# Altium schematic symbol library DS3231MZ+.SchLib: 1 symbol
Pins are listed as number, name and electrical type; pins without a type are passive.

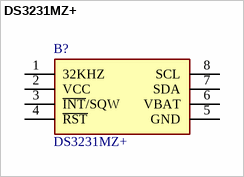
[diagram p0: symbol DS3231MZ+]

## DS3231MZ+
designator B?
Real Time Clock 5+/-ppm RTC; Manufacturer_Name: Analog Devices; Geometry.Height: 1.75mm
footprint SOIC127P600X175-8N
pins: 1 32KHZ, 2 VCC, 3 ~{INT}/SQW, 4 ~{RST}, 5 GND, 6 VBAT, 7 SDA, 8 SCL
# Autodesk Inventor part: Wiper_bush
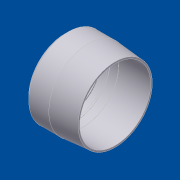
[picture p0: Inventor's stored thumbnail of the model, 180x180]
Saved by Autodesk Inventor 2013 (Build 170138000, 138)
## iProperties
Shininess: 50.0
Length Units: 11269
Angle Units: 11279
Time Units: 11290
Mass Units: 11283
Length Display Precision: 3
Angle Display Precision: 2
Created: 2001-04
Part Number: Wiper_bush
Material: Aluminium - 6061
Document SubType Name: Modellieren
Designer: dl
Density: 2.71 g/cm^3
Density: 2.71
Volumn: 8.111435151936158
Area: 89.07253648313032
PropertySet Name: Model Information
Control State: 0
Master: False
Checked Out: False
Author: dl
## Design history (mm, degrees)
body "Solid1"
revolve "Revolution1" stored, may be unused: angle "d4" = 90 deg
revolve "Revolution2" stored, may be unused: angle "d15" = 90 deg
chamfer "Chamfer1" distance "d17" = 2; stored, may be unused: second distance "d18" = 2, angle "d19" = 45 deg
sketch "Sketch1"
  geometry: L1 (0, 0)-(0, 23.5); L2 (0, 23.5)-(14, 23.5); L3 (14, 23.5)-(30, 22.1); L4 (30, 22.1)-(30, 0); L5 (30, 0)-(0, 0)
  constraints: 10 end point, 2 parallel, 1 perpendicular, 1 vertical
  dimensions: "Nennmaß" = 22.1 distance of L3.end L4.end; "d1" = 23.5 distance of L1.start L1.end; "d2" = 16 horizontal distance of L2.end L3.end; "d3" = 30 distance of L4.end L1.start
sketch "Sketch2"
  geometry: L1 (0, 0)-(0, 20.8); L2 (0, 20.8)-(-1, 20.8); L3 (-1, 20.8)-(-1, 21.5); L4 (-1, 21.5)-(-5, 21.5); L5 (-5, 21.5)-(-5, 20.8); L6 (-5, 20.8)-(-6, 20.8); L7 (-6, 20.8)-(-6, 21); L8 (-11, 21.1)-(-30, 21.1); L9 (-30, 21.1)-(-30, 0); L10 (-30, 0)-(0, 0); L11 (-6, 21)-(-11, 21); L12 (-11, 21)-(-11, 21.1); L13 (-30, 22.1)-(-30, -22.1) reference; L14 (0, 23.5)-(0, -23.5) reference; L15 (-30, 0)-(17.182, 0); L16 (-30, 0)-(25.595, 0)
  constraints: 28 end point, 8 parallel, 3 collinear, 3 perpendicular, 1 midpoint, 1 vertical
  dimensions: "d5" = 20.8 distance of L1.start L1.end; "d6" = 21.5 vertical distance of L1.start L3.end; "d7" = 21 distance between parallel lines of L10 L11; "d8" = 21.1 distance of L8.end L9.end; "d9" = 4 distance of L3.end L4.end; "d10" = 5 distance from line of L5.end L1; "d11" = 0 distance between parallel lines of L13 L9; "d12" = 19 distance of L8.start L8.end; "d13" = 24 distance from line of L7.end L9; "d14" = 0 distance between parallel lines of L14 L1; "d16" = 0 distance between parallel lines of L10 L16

+-------+

Problem to solve — Would you copy the lines above exactly, starting with the one that has "[diagram p0: symbol DS3231MZ+]" and ending with the one that has "Saved by Autodesk", both included, without the pictures?

Response below —
[diagram p0: symbol DS3231MZ+]

## DS3231MZ+
designator B?
Real Time Clock 5+/-ppm RTC; Manufacturer_Name: Analog Devices; Geometry.Height: 1.75mm
footprint SOIC127P600X175-8N
pins: 1 32KHZ, 2 VCC, 3 ~{INT}/SQW, 4 ~{RST}, 5 GND, 6 VBAT, 7 SDA, 8 SCL
# Autodesk Inventor part: Wiper_bush
[picture p0: Inventor's stored thumbnail of the model, 180x180]
Saved by Autodesk Inventor 2013 (Build 170138000, 138)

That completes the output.